- **TASK**
In the records below, find every line with the word "drawing" and copy it.

- **PROVIDED ENTRIES**
⁂
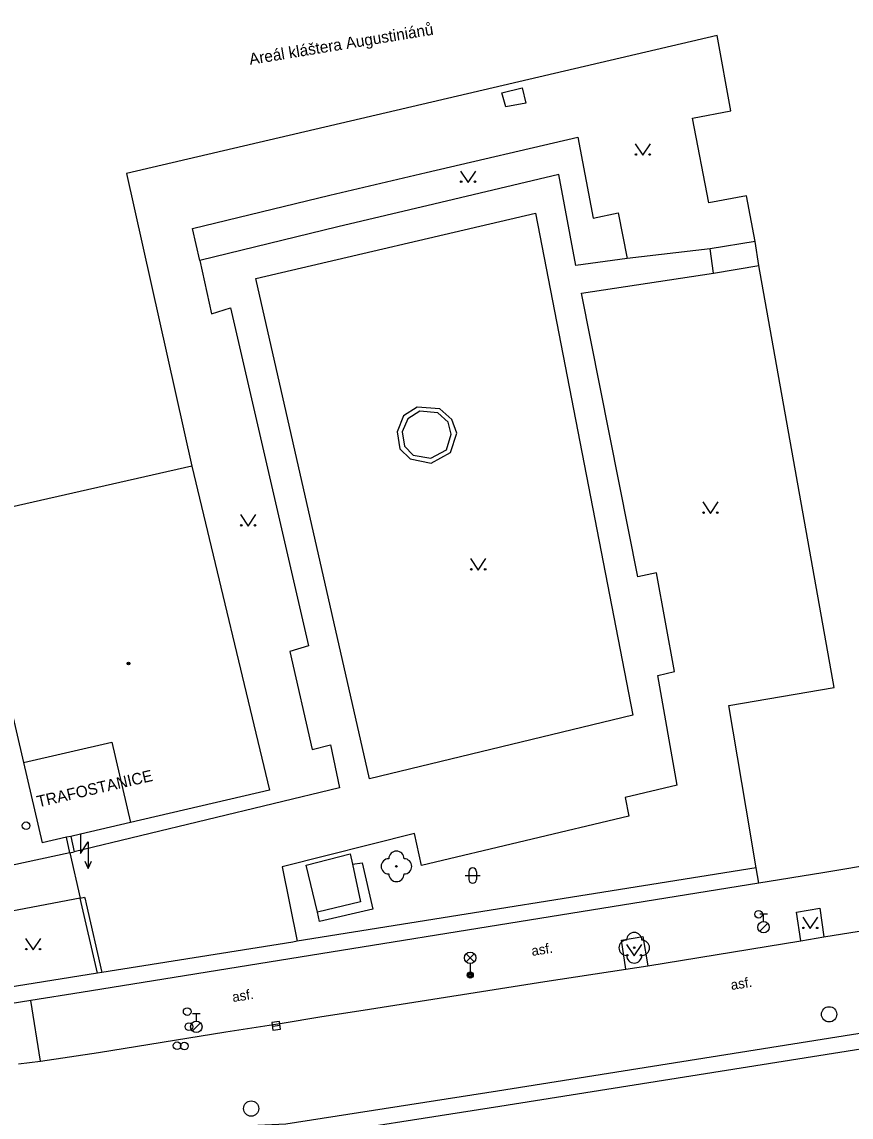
# Model space of a CAD drawing. Extents: x -600309 to -598967, y -1161267 to -1160292.
# Drawn here: x -599236.1 to -599181.8, y -1161124.2 to -1161052.5 of the extents above; entities that cross this region are included whole.
import ezdxf

# ---------------------------------------------------------------- set-up
doc = ezdxf.new("R2010")
doc.units = 0
for name, color, linetype in [('Level 10', 7, 'Continuous'), ('Level 11', 7, 'Continuous'), ('Level 22', 7, 'Continuous'), ('Level 27', 7, 'Continuous'), ('Level 28', 7, 'Continuous'), ('Level 31', 7, 'Continuous'), ('Level 33', 7, 'Continuous'), ('Level 36', 7, 'Continuous'), ('Level 39', 7, 'Continuous'), ('Level 40', 7, 'Continuous'), ('Level 41', 7, 'Continuous'), ('Level 5', 7, 'Continuous'), ('Level 54', 7, 'Continuous'), ('Level 7', 7, 'Continuous'), ('Level 8', 7, 'Continuous')]:
    doc.layers.add(name, color=color, linetype=linetype)

msp = doc.modelspace()

# ---------------------------------------------------------------- linework, layer by layer
at = {"layer": 'Level 10'}
for points in [[(-599183.6, -1161112.4), (-599173.38, -1161110.75)], [(-599185.1, -1161112.65), (-599183.6, -1161112.4)], [(-599195.12, -1161114.29), (-599185.1, -1161112.65)], [(-599234.9, -1161120.54), (-599231.09, -1161119.96), (-599222.76, -1161118.62), (-599219.08, -1161118.04), (-599216.61, -1161117.64), (-599213.35, -1161117.13), (-599201.87, -1161115.32), (-599196.56, -1161114.51)], [(-599196.56, -1161114.51), (-599195.12, -1161114.29)], [(-599236.34, -1161120.7199), (-599234.9, -1161120.54)]]:
    msp.add_lwpolyline(points, dxfattribs=at)
at = {"layer": 'Level 11'}
for points in [[(-599193.21, -1161102.46), (-599196.62, -1161103.27), (-599196.37, -1161104.5), (-599209.94, -1161107.72), (-599210.4, -1161105.63), (-599219.07, -1161107.81), (-599218.08, -1161112.69)], [(-599232.98, -1161106.9), (-599236.81, -1161107.72)], [(-599119.42, -1161109.21), (-599119.94, -1161107.92), (-599131.98, -1161110.59), (-599141.68, -1161112.37), (-599147.5578, -1161113.2881), (-599152.18, -1161114.01), (-599167.25, -1161116.49), (-599181.79, -1161118.82), (-599204.9699, -1161122.5), (-599218.82, -1161124.6599), (-599221.59, -1161124.8), (-599225.08, -1161124.96), (-599236.06, -1161126.61)], [(-599232.3, -1161109.86), (-599240.81, -1161111.47)], [(-599236.06, -1161126.61), (-599235.9099, -1161127.6), (-599225.55, -1161125.98), (-599221.58, -1161125.8), (-599218.77, -1161125.6599), (-599204.81, -1161123.48), (-599181.6, -1161119.8), (-599169.59, -1161117.88), (-599167.12, -1161117.49), (-599152.01, -1161114.99), (-599147.39, -1161114.27), (-599141.52, -1161113.35), (-599132.1, -1161111.64), (-599125.56, -1161110.17)], [(-599185.1, -1161112.65), (-599185.4, -1161110.77), (-599183.86, -1161110.52), (-599183.6, -1161112.4)], [(-599196.56, -1161114.51), (-599196.86, -1161112.61), (-599195.46, -1161112.38), (-599195.12, -1161114.29)], [(-599234.9, -1161120.54), (-599235.52, -1161116.56)]]:
    msp.add_lwpolyline(points, dxfattribs=at)
at = {"layer": 'Level 22'}
for centre in [(-599211.59, -1161107.78), (-599196.02, -1161113.11)]:
    msp.add_circle(centre, 0.05, dxfattribs=at)
for centre, start, end in [((-599212.09, -1161107.78), 90, 270), ((-599211.59, -1161107.28), 0, 180), ((-599211.09, -1161107.78), 270, 90), ((-599211.59, -1161108.28), 180, 0), ((-599196.02, -1161112.61), 0, 180), ((-599196.52, -1161113.11), 90, 270), ((-599195.52, -1161113.11), 270, 90), ((-599196.02, -1161113.61), 180, 0)]:
    msp.add_arc(centre, 0.5, start, end, dxfattribs=at)
at = {"layer": 'Level 27'}
msp.add_line((-599219.708, -1161118.2515), (-599219.212, -1161118.1883), dxfattribs=at)
msp.add_lwpolyline([(-599219.6764, -1161118.4995), (-599219.1804, -1161118.4363), (-599219.2436, -1161117.9403), (-599219.7396, -1161118.0035)], close=True, dxfattribs=at)
for centre in [(-599183.26, -1161117.4699), (-599221.1, -1161123.64)]:
    msp.add_circle(centre, 0.5, dxfattribs=at)
at = {"layer": 'Level 28'}
for p, q in [((-599187.8, -1161110.895), (-599187.3, -1161110.895)), ((-599187.55, -1161111.395), (-599187.55, -1161110.895)), ((-599187.808, -1161112.042), (-599187.278, -1161111.512)), ((-599224.94, -1161117.415), (-599224.44, -1161117.415)), ((-599224.69, -1161117.915), (-599224.69, -1161117.415)), ((-599224.948, -1161118.562), (-599224.418, -1161118.032))]:
    msp.add_line(p, q, dxfattribs=at)
for centre, radius in [((-599235.84, -1161105.12), 0.25), ((-599187.55, -1161111.77), 0.375), ((-599225.18, -1161118.28), 0.25), ((-599224.69, -1161118.29), 0.375)]:
    msp.add_circle(centre, radius, dxfattribs=at)
at = {"layer": 'Level 31'}
for centre in [(-599187.88, -1161110.92), (-599225.29, -1161117.29), (-599225.95, -1161119.53), (-599225.4699, -1161119.55)]:
    msp.add_circle(centre, 0.25, dxfattribs=at)
at = {"layer": 'Level 33'}
for p, q in [((-599207.025, -1161114.04), (-599206.495, -1161113.51)), ((-599207.025, -1161113.51), (-599206.495, -1161114.04)), ((-599206.76, -1161114.15), (-599206.76, -1161114.9))]:
    msp.add_line(p, q, dxfattribs=at)
for centre, radius in [((-599206.76, -1161113.775), 0.375), ((-599206.76, -1161114.9), 0.2), ((-599206.76, -1161114.9), 0.1445), ((-599206.76, -1161114.9), 0.0876)]:
    msp.add_circle(centre, radius, dxfattribs=at)
at = {"layer": 'Level 36'}
for p, q in [((-599207.096, -1161108.386), (-599206.096, -1161108.386)), ((-599206.846, -1161108.136), (-599206.846, -1161108.636)), ((-599206.346, -1161108.136), (-599206.346, -1161108.636))]:
    msp.add_line(p, q, dxfattribs=at)
for points in [[(-599195.96, -1161060.4699), (-599195.46, -1161061.2199), (-599194.96, -1161060.4699)], [(-599207.4, -1161062.25), (-599206.9, -1161063), (-599206.4, -1161062.25)], [(-599191.53, -1161083.92), (-599191.03, -1161084.67), (-599190.53, -1161083.92)], [(-599221.8, -1161084.75), (-599221.3, -1161085.5), (-599220.8, -1161084.75)], [(-599206.73, -1161087.63), (-599206.23, -1161088.38), (-599205.73, -1161087.63)], [(-599232.28, -1161105.68), (-599232.28, -1161106.93), (-599231.78, -1161106.18), (-599231.78, -1161107.93)], [(-599231.999, -1161107.441), (-599231.78, -1161107.93), (-599231.561, -1161107.441)], [(-599184.99, -1161111.11), (-599184.49, -1161111.86), (-599183.99, -1161111.11)], [(-599235.87, -1161112.5), (-599235.37, -1161113.25), (-599234.87, -1161112.5)], [(-599196.52, -1161112.9), (-599196.02, -1161113.65), (-599195.52, -1161112.9)]]:
    msp.add_lwpolyline(points, dxfattribs=at)
for centre in [(-599195.9102, -1161061.1697), (-599195.0108, -1161061.1697), (-599207.3502, -1161062.9498), (-599206.4508, -1161062.9498), (-599191.4802, -1161084.6198), (-599190.5808, -1161084.6198), (-599221.7502, -1161085.4498), (-599220.8508, -1161085.4498), (-599206.6802, -1161088.3298), (-599205.7808, -1161088.3298), (-599184.9402, -1161111.8098), (-599184.0408, -1161111.8098), (-599235.8202, -1161113.1998), (-599234.9208, -1161113.1998), (-599196.4702, -1161113.5998), (-599195.5708, -1161113.5998)]:
    msp.add_circle(centre, 0.05, dxfattribs=at)
for centre, start, end in [((-599206.5957, -1161108.1363), 0, 180), ((-599206.5957, -1161108.6363), 180, 0)]:
    msp.add_arc(centre, 0.25, start, end, dxfattribs=at)
at = {"layer": 'Level 39'}
for radius in [0.09, 0.0398]:
    msp.add_circle((-599229.13, -1161094.49), radius, dxfattribs=at)
at = {"layer": 'Level 5'}
for points in [[(-599190.59, -1161053.37), (-599229.26, -1161062.42)], [(-599189.7, -1161058.31), (-599190.59, -1161053.37)], [(-599192.21, -1161058.79), (-599189.7, -1161058.31)], [(-599191.13, -1161064.33), (-599192.21, -1161058.79)], [(-599229.26, -1161062.42), (-599224.99, -1161081.58)], [(-599188.67, -1161063.88), (-599191.13, -1161064.33)], [(-599188.1, -1161066.87), (-599188.67, -1161063.88)], [(-599187.86, -1161068.44), (-599188.1, -1161066.87)], [(-599182.93, -1161096.07), (-599187.86, -1161068.44)], [(-599224.99, -1161081.58), (-599238, -1161084.53)], [(-599224.99, -1161081.58), (-599219.89, -1161102.8)], [(-599239.74, -1161084.95), (-599236, -1161100.98), (-599234.78, -1161106.24)], [(-599189.82, -1161097.25), (-599182.93, -1161096.07)], [(-599188.03, -1161107.88), (-599188.69, -1161103.96), (-599189.82, -1161097.25)], [(-599236, -1161100.98), (-599230.22, -1161099.64), (-599229, -1161104.91)], [(-599219.89, -1161102.8), (-599229, -1161104.91), (-599232.28, -1161105.68), (-599232.9, -1161105.82), (-599233.19, -1161105.88), (-599234.78, -1161106.24)], [(-599168.95, -1161105.74), (-599183.67, -1161108.2)], [(-599187.86, -1161108.89), (-599188.03, -1161107.88)], [(-599183.67, -1161108.2), (-599187.86, -1161108.89)]]:
    msp.add_lwpolyline(points, dxfattribs=at)
at = {"layer": 'Level 54'}
for points in [[(-599204.68, -1161057.12), (-599203.35, -1161056.81)], [(-599204.42, -1161058.04), (-599204.68, -1161057.12)], [(-599203.35, -1161056.81), (-599203.12, -1161057.81)], [(-599203.12, -1161057.81), (-599204.42, -1161058.04)], [(-599209.65, -1161062.34), (-599199.71, -1161060.03)], [(-599199.71, -1161060.03), (-599198.71, -1161065.34)], [(-599215.96, -1161063.84), (-599209.65, -1161062.34)], [(-599200.95, -1161062.48), (-599209.14, -1161064.43)], [(-599199.84, -1161068.44), (-599200.95, -1161062.48)], [(-599224.94, -1161066.01), (-599215.96, -1161063.84)], [(-599220.8, -1161069.29), (-599202.48, -1161065)], [(-599209.14, -1161064.43), (-599215.42, -1161065.9)], [(-599202.48, -1161065), (-599196.11, -1161097.87)], [(-599198.71, -1161065.34), (-599197.08, -1161064.98)], [(-599197.08, -1161064.98), (-599196.49, -1161067.9699)], [(-599224.4699, -1161068.1), (-599224.94, -1161066.01)], [(-599215.42, -1161065.9), (-599224.4699, -1161068.1)], [(-599188.1, -1161066.87), (-599191.04, -1161067.34)], [(-599191.04, -1161067.34), (-599196.49, -1161067.9699)], [(-599190.82, -1161068.94), (-599191.04, -1161067.34)], [(-599224.4699, -1161068.1), (-599223.7, -1161071.6)], [(-599196.49, -1161067.9699), (-599199.84, -1161068.44)], [(-599190.82, -1161068.94), (-599187.86, -1161068.44)], [(-599213.36, -1161102.04), (-599220.8, -1161069.29)], [(-599199.48, -1161070.25), (-599190.82, -1161068.94)], [(-599195.78, -1161088.82), (-599199.48, -1161070.25)], [(-599223.7, -1161071.6), (-599222.46, -1161071.21)], [(-599222.46, -1161071.21), (-599217.34, -1161093.35)], [(-599210.23, -1161077.7199), (-599211.12, -1161078.27)], [(-599210.05, -1161077.98), (-599210.85, -1161078.4699)], [(-599208.75, -1161077.83), (-599210.23, -1161077.7199)], [(-599208.88, -1161078.09), (-599210.05, -1161077.98)], [(-599207.96, -1161078.52), (-599208.75, -1161077.83)], [(-599211.12, -1161078.27), (-599211.54, -1161079.33)], [(-599210.85, -1161078.4699), (-599211.21, -1161079.33)], [(-599208.2, -1161078.69), (-599208.88, -1161078.09)], [(-599208.01, -1161079.4699), (-599208.2, -1161078.69)], [(-599207.64, -1161079.42), (-599207.96, -1161078.52)], [(-599211.54, -1161079.33), (-599211.36, -1161080.43)], [(-599211.21, -1161079.33), (-599211.07, -1161080.26)], [(-599208.06, -1161080.69), (-599207.64, -1161079.42)], [(-599208.31, -1161080.5), (-599208.01, -1161079.4699)], [(-599211.36, -1161080.43), (-599210.69, -1161081.09)], [(-599211.07, -1161080.26), (-599210.49, -1161080.86)], [(-599210.49, -1161080.86), (-599209.34, -1161081.06)], [(-599209.34, -1161081.06), (-599208.31, -1161080.5)], [(-599209.32, -1161081.39), (-599208.06, -1161080.69)], [(-599210.69, -1161081.09), (-599209.32, -1161081.39)], [(-599194.57, -1161088.56), (-599195.78, -1161088.82)], [(-599193.38, -1161095.02), (-599194.57, -1161088.56)], [(-599217.34, -1161093.35), (-599218.57, -1161093.7199)], [(-599218.57, -1161093.7199), (-599217.11, -1161100.12)], [(-599194.48, -1161095.28), (-599193.38, -1161095.02)], [(-599193.21, -1161102.46), (-599194.48, -1161095.28)], [(-599196.11, -1161097.87), (-599213.36, -1161102.04)], [(-599217.11, -1161100.12), (-599215.9, -1161099.83)], [(-599215.9, -1161099.83), (-599215.31, -1161102.64)], [(-599215.31, -1161102.64), (-599232.7, -1161106.84)], [(-599217.5, -1161107.71), (-599214.61, -1161106.96)], [(-599214.61, -1161106.96), (-599214.46, -1161107.64)], [(-599216.76, -1161110.77), (-599217.5, -1161107.71)], [(-599214.46, -1161107.64), (-599213.83, -1161107.56)], [(-599214.46, -1161107.64), (-599213.94, -1161110.1)], [(-599213.83, -1161107.56), (-599213.13, -1161110.58)], [(-599213.94, -1161110.1), (-599216.76, -1161110.77)], [(-599216.62, -1161111.39), (-599216.76, -1161110.77)], [(-599213.13, -1161110.58), (-599216.62, -1161111.39)]]:
    msp.add_lwpolyline(points, dxfattribs=at)
at = {"layer": 'Level 7'}
for points in [[(-599232.98, -1161106.9), (-599233.19, -1161105.88)], [(-599232.9, -1161105.82), (-599232.7, -1161106.84)], [(-599232.98, -1161106.9), (-599232.7, -1161106.84)], [(-599188.03, -1161107.88), (-599218.08, -1161112.69)], [(-599187.86, -1161108.89), (-599232.24, -1161116.05), (-599235.52, -1161116.56)], [(-599232.3, -1161109.86), (-599232.01, -1161109.79)], [(-599231.1599, -1161114.78), (-599232.3, -1161109.86)], [(-599232.01, -1161109.79), (-599231.97, -1161109.94), (-599231.9, -1161110.24), (-599230.87, -1161114.73)], [(-599218.37, -1161112.74), (-599230.87, -1161114.73)], [(-599218.08, -1161112.69), (-599218.37, -1161112.74)], [(-599231.1599, -1161114.78), (-599240.02, -1161116.19)], [(-599230.87, -1161114.73), (-599231.1599, -1161114.78)], [(-599235.52, -1161116.56), (-599240.54, -1161117.38)]]:
    msp.add_lwpolyline(points, dxfattribs=at)
at = {"layer": 'Level 8'}
msp.add_lwpolyline([(-599232.98, -1161106.9), (-599232.3, -1161109.86)], dxfattribs=at)

# ---------------------------------------------------------------- texts
at = {"layer": 'Level 40'}
for p in [(-599202.7, -1161113.65), (-599189.65, -1161115.88), (-599222.29, -1161116.67)]:
    msp.add_text('asf.', height=0.65, rotation=9, dxfattribs=at).set_placement(p)
at = {"layer": 'Level 41'}
for s, rotation, p in [('Areál kláštera Augustiniánů', 9.36, (-599221.17, -1161055.3)), ('TRAFOSTANICE', 13, (-599235.04, -1161103.92))]:
    msp.add_text(s, height=0.75, rotation=rotation, dxfattribs=at).set_placement(p)

doc.saveas('drawing.dxf')
⁂
- **RESPONSE**
# Model space of a CAD drawing. Extents: x -600309 to -598967, y -1161267 to -1160292.
doc.saveas('drawing.dxf')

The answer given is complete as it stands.